Originally published May 8, 2008 at 12:00 AM | Page modified May 8, 2008 at 12:10 PM
Movie review
Turns out, nothing new happens in "Vegas"
So, what happens in Vegas? Pretty much what you'd expect. Uptight Joy (Cameron Diaz), devastated after being dumped by her fianc...
Seattle Times movie critic
"What Happens in Vegas," with Cameron Diaz, Ashton Kutcher, Rob Corddry, Treat Williams, Dennis Miller, Lake Bell. Directed by Tom Vaughan, from a screenplay by Dana Fox. 99 minutes. Rated PG-13 for some sexual and crude content and language, including a drug reference. Several theaters.
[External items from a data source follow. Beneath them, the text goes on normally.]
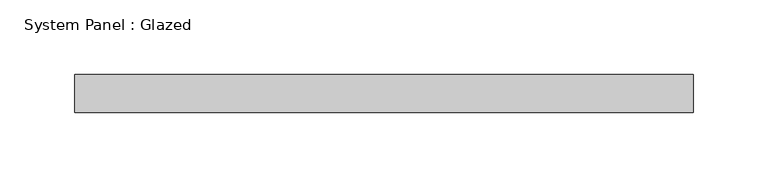
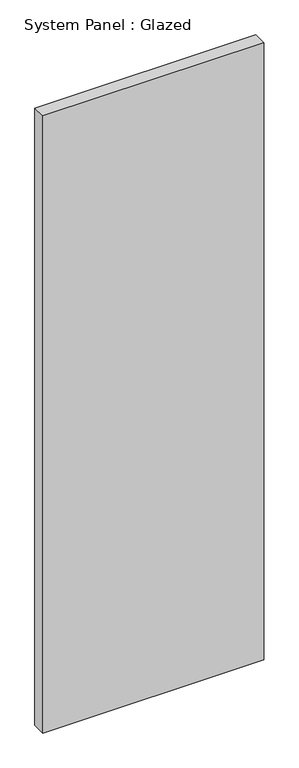
"""IFC4 building model written with IfcOpenShell, lengths in millimetres: plate geometry, System Panel : Glazed."""

from ifc_helpers import new_model, si_unit, origin, origin_with_axes, place, context, project, spatial, polyline, outline, extrude, source, transform, mapped, element, save


def system_panel_glazed_be080e7e(model_context):
    return source(origin(), model_context, "Body", "SweptSolid", [
        extrude(outline(polyline([(206.3749998, 19.05), (-206.3749998, 19.05), (-206.3749998, 44.45), (206.3749998, 44.45), (206.3749998, 19.05)])), origin_with_axes(), (0.0, 0.0, 1.0), 1219.2),
    ])


if __name__ == "__main__":
    model = new_model("IFC4")
    model_context = context("Model", 3, world=origin())
    ifc_project = project(units=[si_unit("LENGTHUNIT", "METRE", prefix="MILLI")], contexts=[model_context])
    site = spatial("IfcSite", under=ifc_project)
    building = spatial("IfcBuilding", under=site)
    placement = place(None, origin())
    system_panel_glazed_shape = system_panel_glazed_be080e7e(model_context)
    element("IfcPlate", 1, ObjectType="System Panel : Glazed", at=placement, inside=building, context=model_context, shape_type="MappedRepresentation", body=[
        mapped(system_panel_glazed_shape, transform((0.0, 0.0, 0.0), x_axis=(1.0, 0.0, 0.0), y_axis=(0.0, 1.0, 0.0), z_axis=(0.0, 0.0, 1.0))),
    ])
    save(model, "model.ifc")

# Revit data of these elements
# Element 1 (IfcPlate, "System Panel : Glazed")
#   Materials on its faces: "Glass"
# Materials
#   "Glass": class "Glass", colour RGB 0 128 192, transparency 0.75

So, what happens in Vegas? Pretty much what you'd expect. Uptight Joy (Cameron Diaz), devastated after being dumped by her fiancé, heads with her best pal Tipper (Lake Bell) to Sin City, where they gamble and drink and squeal and dance on the top of bars, the way everyone does in Vegas-in-the-movies. They meet up with free-spirited Jack (Ashton Kutcher) and his buddy Hater (Rob Corddry), who are there to celebrate Jack losing his job in furniture construction yet again (fired by his dad, no less). And, because uptight women and free-spirited men always get together in the movies, Joy and Jack get together — and wake up, after a night they can't remember, to find themselves married.
All this goes down in, oh, maybe the movie's first 15 minutes or so, and then the real plot kicks in: Just as the two of them are irritably vowing to dissolve the marriage when they get home to New York, Jack drops Joy's quarter into a slot machine and wins $3 million in joint property. Back home, a judge with the mysterious name of Judge Whopper (Dennis Miller) is disgusted by their behavior and orders them, if they want to have a chance at splitting the money, to live together for six months and try to work things out. "Gay people aren't destroying the sanctity of marriage," he observes. "You people are."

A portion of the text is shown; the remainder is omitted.